Slashdot Mirror


SSD Price Drops Signaling End of Spinning Media?

gjt writes "When Intel and OCZ recently announced new 'affordable' Solid State Disk drives — offering a meager 32-40GB — we initially yawned. But, then we took a closer look at the press releases and the in-progress research and development in SSD technology and opened our eyes. While the new drives aren't affordable on a cost per gigabyte basis for everyone, it does set a precedent — and most importantly a barometer price of $100. And it really does start the death clock for hard drive technology."

2 of 646 comments (clear)

  1. Re:...Or an arms race by Hadlock · · Score: 5, Interesting

    I wonder how long it will be before SSDs lose the traditional 3.5" form factor.
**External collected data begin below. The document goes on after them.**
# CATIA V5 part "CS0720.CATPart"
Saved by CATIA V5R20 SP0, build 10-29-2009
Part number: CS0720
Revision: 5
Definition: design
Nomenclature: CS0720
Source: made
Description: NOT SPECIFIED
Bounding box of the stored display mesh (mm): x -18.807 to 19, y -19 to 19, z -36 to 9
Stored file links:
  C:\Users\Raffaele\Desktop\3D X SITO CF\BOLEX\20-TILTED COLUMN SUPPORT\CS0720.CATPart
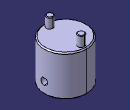
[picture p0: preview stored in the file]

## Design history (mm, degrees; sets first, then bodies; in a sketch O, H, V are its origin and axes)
Body1 "MANIFOLD_SOLID_BREP #695" (main body)
  Solid1: solid without history
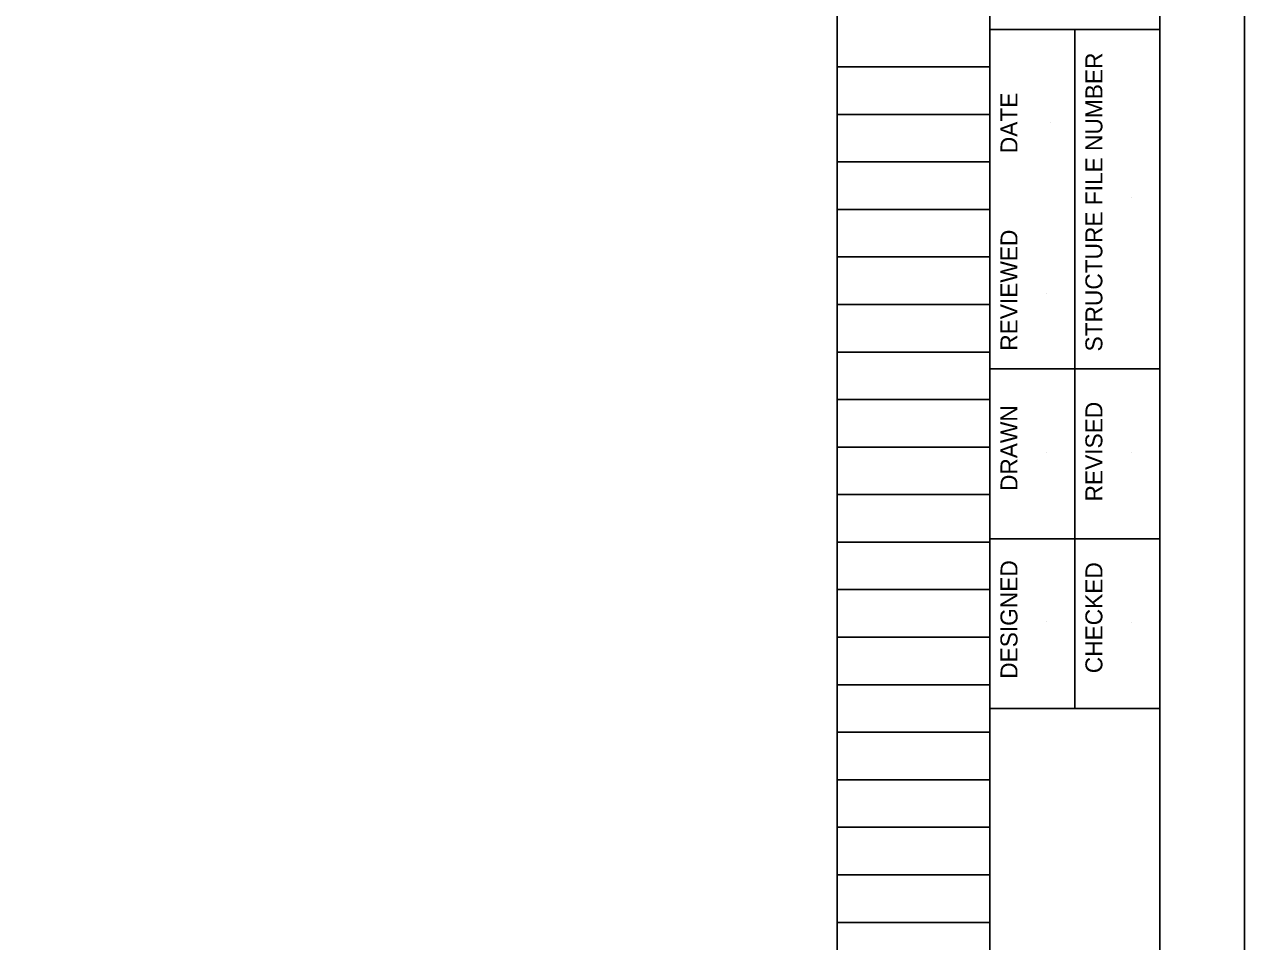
# Model space of a CAD drawing. Extents: x -0.2 to 33.8, y -0.1 to 21.9.
# Drawn here: x 26.59 to 33.78, y 12.49 to 17.9 of the extents above; entities that cross this region are included whole.
import ezdxf

# ---------------------------------------------------------------- set-up
doc = ezdxf.new("R2010")
doc.units = 0
for name, color, linetype in [('SH_Border', 7, 'Continuous'), ('SH_Cut_Line', 7, 'Continuous'), ('SH_Data', 7, 'Continuous')]:
    doc.layers.add(name, color=color, linetype=linetype)

msp = doc.modelspace()

# ---------------------------------------------------------------- linework, layer by layer
at = {"layer": 'SH_Border'}
for p, q in [((32.2753, 0.368), (32.2753, 21.368)), ((32.2753, 17.8681), (33.2753, 17.8681)), ((32.7753, 13.8681), (32.7753, 17.8681)), ((32.2753, 15.8681), (33.2753, 15.8681)), ((32.2753, 14.8681), (33.2753, 14.8681)), ((32.2753, 13.8681), (33.2753, 13.8681))]:
    msp.add_line(p, q, dxfattribs=at)
msp.add_lwpolyline([(1.7753, 21.368), (33.2753, 21.368), (33.2753, 0.368), (1.7753, 0.368)], close=True, dxfattribs=at)
at = {"layer": 'SH_Cut_Line'}
msp.add_lwpolyline([(-0.2247, 21.868), (33.7753, 21.868), (33.7753, -0.132), (-0.2247, -0.132)], close=True, dxfattribs=at)
at = {"layer": 'SH_Data'}
for p, q in [((31.3753, 0.848), (31.3753, 21.008)), ((32.2753, 0.848), (32.2753, 21.008)), ((31.3753, 17.648), (32.2753, 17.648)), ((31.3753, 17.368), (32.2753, 17.368)), ((32.6349, 17.3173), (32.6349, 17.3173)), ((31.3753, 17.088), (32.2753, 17.088)), ((33.1086, 16.877), (33.1086, 16.877)), ((31.3753, 16.808), (32.2753, 16.808)), ((31.3753, 16.528), (32.2753, 16.528)), ((32.6086, 16.3154), (32.6086, 16.3154)), ((31.3753, 16.248), (32.2753, 16.248)), ((31.3753, 15.968), (32.2753, 15.968)), ((31.3753, 15.688), (32.2753, 15.688)), ((31.3753, 15.408), (32.2753, 15.408)), ((32.6086, 15.3779), (32.6086, 15.3779)), ((33.1086, 15.3779), (33.1086, 15.3779)), ((31.3753, 15.128), (32.2753, 15.128)), ((31.3753, 14.848), (32.2753, 14.848)), ((31.3753, 14.568), (32.2753, 14.568)), ((32.6086, 14.3779), (32.6086, 14.3779)), ((33.1086, 14.377), (33.1086, 14.377)), ((31.3753, 14.288), (32.2753, 14.288)), ((31.3753, 14.008), (32.2753, 14.008)), ((31.3753, 13.728), (32.2753, 13.728)), ((31.3753, 13.448), (32.2753, 13.448)), ((31.3753, 13.168), (32.2753, 13.168)), ((31.3753, 12.888), (32.2753, 12.888)), ((31.3753, 12.608), (32.2753, 12.608))]:
    msp.add_line(p, q, dxfattribs=at)

# ---------------------------------------------------------------- texts
for s, p in [('STRUCTURE FILE NUMBER', (32.9378, 15.9713)), ('DATE', (32.4378, 17.1395)), ('REVIEWED', (32.4378, 15.9756)), ('REVISED', (32.9378, 15.0878)), ('DRAWN', (32.4378, 15.1492)), ('DESIGNED', (32.4378, 14.0429)), ('CHECKED', (32.9378, 14.0759))]:
    msp.add_text(s, height=0.1, rotation=90, dxfattribs=at).set_placement(p)

doc.saveas('drawing.dxf')

There's no reason why you couldn't say, drop the guts into a PCI form factor. That cast aluminum enclosure is probably $3-5 of a product that probably costs $45 to make. With less heat and mass requirements it's likely we'll start seeing naked chips on a breadboard to save 8-9% of the manufacturing cost.

    --
    moox. for a new generation.
  2. Re:In 5 years by aix+tom · · Score: 5, Interesting

    Here, too.
    My basic "swap cycle" for hard drives was

    1) Buy them
    2) Use as data storage 2-3 Years
    3) Use as OS drive 2-3 Years
    4) Use for swap space 2-3 Years
    5) Throw them out

    I have gone through maybe 25-30 drives for various boxes at home so far, and exactly ONE has failed me so far, while it was already on "swap space" duty. Usually the ones I throw out are about 8-10 years old, just because they are now even to small to be useful as swap space.